> _Task_: Transcribe all the records exactly and omit any images they hold.

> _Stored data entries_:
================================

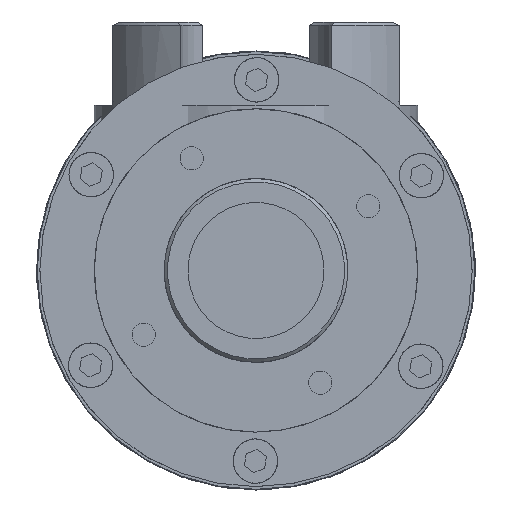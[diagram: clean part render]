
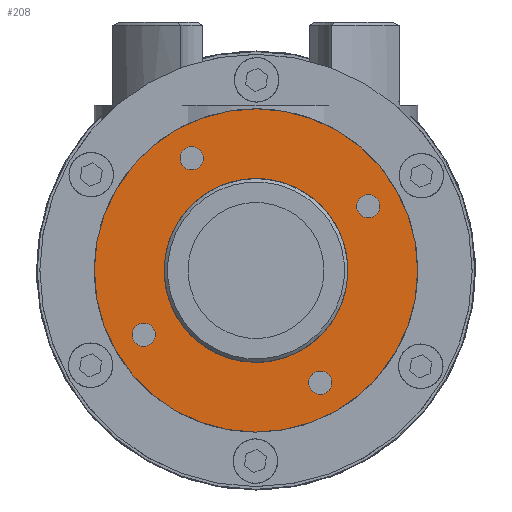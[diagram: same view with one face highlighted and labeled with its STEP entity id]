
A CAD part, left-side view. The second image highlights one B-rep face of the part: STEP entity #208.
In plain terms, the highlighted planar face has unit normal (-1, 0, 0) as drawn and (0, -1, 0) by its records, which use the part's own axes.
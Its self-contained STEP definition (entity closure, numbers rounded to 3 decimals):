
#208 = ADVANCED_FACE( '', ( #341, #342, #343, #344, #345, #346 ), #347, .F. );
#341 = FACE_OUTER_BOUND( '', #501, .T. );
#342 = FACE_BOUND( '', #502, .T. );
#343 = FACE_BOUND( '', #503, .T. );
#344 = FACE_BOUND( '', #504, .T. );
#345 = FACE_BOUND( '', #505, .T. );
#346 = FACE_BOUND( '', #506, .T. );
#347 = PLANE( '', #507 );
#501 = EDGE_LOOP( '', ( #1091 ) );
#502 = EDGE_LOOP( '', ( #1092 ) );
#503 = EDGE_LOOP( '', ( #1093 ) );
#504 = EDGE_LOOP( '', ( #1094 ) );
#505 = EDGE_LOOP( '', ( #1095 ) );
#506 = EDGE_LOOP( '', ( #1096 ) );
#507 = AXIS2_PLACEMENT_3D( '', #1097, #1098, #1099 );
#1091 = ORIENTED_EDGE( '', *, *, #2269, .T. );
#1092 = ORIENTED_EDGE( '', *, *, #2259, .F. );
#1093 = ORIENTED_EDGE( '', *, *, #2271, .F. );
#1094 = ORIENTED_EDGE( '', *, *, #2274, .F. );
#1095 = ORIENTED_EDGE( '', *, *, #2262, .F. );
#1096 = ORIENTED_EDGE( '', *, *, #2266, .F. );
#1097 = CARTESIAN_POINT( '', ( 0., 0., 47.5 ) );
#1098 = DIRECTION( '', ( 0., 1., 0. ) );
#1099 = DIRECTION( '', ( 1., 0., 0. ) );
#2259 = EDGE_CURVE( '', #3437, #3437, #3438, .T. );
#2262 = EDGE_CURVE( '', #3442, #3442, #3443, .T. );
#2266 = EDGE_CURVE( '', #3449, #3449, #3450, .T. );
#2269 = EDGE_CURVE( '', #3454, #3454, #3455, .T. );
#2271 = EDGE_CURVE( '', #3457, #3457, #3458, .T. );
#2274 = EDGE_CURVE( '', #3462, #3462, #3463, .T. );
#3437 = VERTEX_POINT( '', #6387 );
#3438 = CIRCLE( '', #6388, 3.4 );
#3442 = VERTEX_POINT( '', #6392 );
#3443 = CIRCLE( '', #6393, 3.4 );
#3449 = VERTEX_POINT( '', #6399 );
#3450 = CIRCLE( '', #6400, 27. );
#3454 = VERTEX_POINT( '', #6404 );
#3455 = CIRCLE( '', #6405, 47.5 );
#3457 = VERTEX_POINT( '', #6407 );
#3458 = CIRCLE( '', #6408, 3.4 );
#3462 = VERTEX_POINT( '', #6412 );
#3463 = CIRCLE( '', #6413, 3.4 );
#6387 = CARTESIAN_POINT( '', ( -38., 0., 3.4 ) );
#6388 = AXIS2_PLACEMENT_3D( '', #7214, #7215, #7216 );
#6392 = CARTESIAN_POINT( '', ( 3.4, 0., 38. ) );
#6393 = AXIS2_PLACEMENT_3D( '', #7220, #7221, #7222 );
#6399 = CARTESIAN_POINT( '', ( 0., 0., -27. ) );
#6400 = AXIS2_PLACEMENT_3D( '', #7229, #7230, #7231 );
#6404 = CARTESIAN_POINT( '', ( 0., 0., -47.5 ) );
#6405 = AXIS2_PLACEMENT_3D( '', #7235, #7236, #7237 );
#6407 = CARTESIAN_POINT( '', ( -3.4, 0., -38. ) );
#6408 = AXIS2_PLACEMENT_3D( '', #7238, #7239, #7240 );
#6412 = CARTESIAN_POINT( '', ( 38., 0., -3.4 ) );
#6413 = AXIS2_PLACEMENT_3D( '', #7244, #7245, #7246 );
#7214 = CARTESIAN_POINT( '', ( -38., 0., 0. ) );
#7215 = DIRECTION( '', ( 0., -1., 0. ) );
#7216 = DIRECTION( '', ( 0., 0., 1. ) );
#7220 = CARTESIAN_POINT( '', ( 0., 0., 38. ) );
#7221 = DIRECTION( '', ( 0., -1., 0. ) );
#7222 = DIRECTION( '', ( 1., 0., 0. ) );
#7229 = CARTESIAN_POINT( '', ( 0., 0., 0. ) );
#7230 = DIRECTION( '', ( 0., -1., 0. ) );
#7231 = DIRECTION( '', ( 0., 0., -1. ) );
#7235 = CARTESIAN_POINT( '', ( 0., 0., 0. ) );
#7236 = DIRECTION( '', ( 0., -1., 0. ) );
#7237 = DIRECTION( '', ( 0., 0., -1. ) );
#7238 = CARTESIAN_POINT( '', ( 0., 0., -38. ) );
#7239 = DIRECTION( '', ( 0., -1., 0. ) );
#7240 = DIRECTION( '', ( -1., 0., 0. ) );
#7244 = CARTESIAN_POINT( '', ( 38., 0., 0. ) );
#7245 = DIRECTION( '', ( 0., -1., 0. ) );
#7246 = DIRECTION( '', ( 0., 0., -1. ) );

================================

> _Answer box_:
[diagram: clean part render]
[diagram: same view with one face highlighted and labeled with its STEP entity id]
A CAD part, left-side view. The second image highlights one B-rep face of the part: STEP entity #208.
In plain terms, the highlighted planar face has unit normal (-1, 0, 0) as drawn and (0, -1, 0) by its records, which use the part's own axes.
Its self-contained STEP definition (entity closure, numbers rounded to 3 decimals):
#208 = ADVANCED_FACE( '', ( #341, #342, #343, #344, #345, #346 ), #347, .F. );
#341 = FACE_OUTER_BOUND( '', #501, .T. );
#342 = FACE_BOUND( '', #502, .T. );
#343 = FACE_BOUND( '', #503, .T. );
#344 = FACE_BOUND( '', #504, .T. );
#345 = FACE_BOUND( '', #505, .T. );
#346 = FACE_BOUND( '', #506, .T. );
#347 = PLANE( '', #507 );
#501 = EDGE_LOOP( '', ( #1091 ) );
#502 = EDGE_LOOP( '', ( #1092 ) );
#503 = EDGE_LOOP( '', ( #1093 ) );
#504 = EDGE_LOOP( '', ( #1094 ) );
#505 = EDGE_LOOP( '', ( #1095 ) );
#506 = EDGE_LOOP( '', ( #1096 ) );
#507 = AXIS2_PLACEMENT_3D( '', #1097, #1098, #1099 );
#1091 = ORIENTED_EDGE( '', *, *, #2269, .T. );
#1092 = ORIENTED_EDGE( '', *, *, #2259, .F. );
#1093 = ORIENTED_EDGE( '', *, *, #2271, .F. );
#1094 = ORIENTED_EDGE( '', *, *, #2274, .F. );
#1095 = ORIENTED_EDGE( '', *, *, #2262, .F. );
#1096 = ORIENTED_EDGE( '', *, *, #2266, .F. );
#1097 = CARTESIAN_POINT( '', ( 0., 0., 47.5 ) );
#1098 = DIRECTION( '', ( 0., 1., 0. ) );
#1099 = DIRECTION( '', ( 1., 0., 0. ) );
#2259 = EDGE_CURVE( '', #3437, #3437, #3438, .T. );
#2262 = EDGE_CURVE( '', #3442, #3442, #3443, .T. );
#2266 = EDGE_CURVE( '', #3449, #3449, #3450, .T. );
#2269 = EDGE_CURVE( '', #3454, #3454, #3455, .T. );
#2271 = EDGE_CURVE( '', #3457, #3457, #3458, .T. );
#2274 = EDGE_CURVE( '', #3462, #3462, #3463, .T. );
#3437 = VERTEX_POINT( '', #6387 );
#3438 = CIRCLE( '', #6388, 3.4 );
#3442 = VERTEX_POINT( '', #6392 );
#3443 = CIRCLE( '', #6393, 3.4 );
#3449 = VERTEX_POINT( '', #6399 );
#3450 = CIRCLE( '', #6400, 27. );
#3454 = VERTEX_POINT( '', #6404 );
#3455 = CIRCLE( '', #6405, 47.5 );
#3457 = VERTEX_POINT( '', #6407 );
#3458 = CIRCLE( '', #6408, 3.4 );
#3462 = VERTEX_POINT( '', #6412 );
#3463 = CIRCLE( '', #6413, 3.4 );
#6387 = CARTESIAN_POINT( '', ( -38., 0., 3.4 ) );
#6388 = AXIS2_PLACEMENT_3D( '', #7214, #7215, #7216 );
#6392 = CARTESIAN_POINT( '', ( 3.4, 0., 38. ) );
#6393 = AXIS2_PLACEMENT_3D( '', #7220, #7221, #7222 );
#6399 = CARTESIAN_POINT( '', ( 0., 0., -27. ) );
#6400 = AXIS2_PLACEMENT_3D( '', #7229, #7230, #7231 );
#6404 = CARTESIAN_POINT( '', ( 0., 0., -47.5 ) );
#6405 = AXIS2_PLACEMENT_3D( '', #7235, #7236, #7237 );
#6407 = CARTESIAN_POINT( '', ( -3.4, 0., -38. ) );
#6408 = AXIS2_PLACEMENT_3D( '', #7238, #7239, #7240 );
#6412 = CARTESIAN_POINT( '', ( 38., 0., -3.4 ) );
#6413 = AXIS2_PLACEMENT_3D( '', #7244, #7245, #7246 );
#7214 = CARTESIAN_POINT( '', ( -38., 0., 0. ) );
#7215 = DIRECTION( '', ( 0., -1., 0. ) );
#7216 = DIRECTION( '', ( 0., 0., 1. ) );
#7220 = CARTESIAN_POINT( '', ( 0., 0., 38. ) );
#7221 = DIRECTION( '', ( 0., -1., 0. ) );
#7222 = DIRECTION( '', ( 1., 0., 0. ) );
#7229 = CARTESIAN_POINT( '', ( 0., 0., 0. ) );
#7230 = DIRECTION( '', ( 0., -1., 0. ) );
#7231 = DIRECTION( '', ( 0., 0., -1. ) );
#7235 = CARTESIAN_POINT( '', ( 0., 0., 0. ) );
#7236 = DIRECTION( '', ( 0., -1., 0. ) );
#7237 = DIRECTION( '', ( 0., 0., -1. ) );
#7238 = CARTESIAN_POINT( '', ( 0., 0., -38. ) );
#7239 = DIRECTION( '', ( 0., -1., 0. ) );
#7240 = DIRECTION( '', ( -1., 0., 0. ) );
#7244 = CARTESIAN_POINT( '', ( 38., 0., 0. ) );
#7245 = DIRECTION( '', ( 0., -1., 0. ) );
#7246 = DIRECTION( '', ( 0., 0., -1. ) );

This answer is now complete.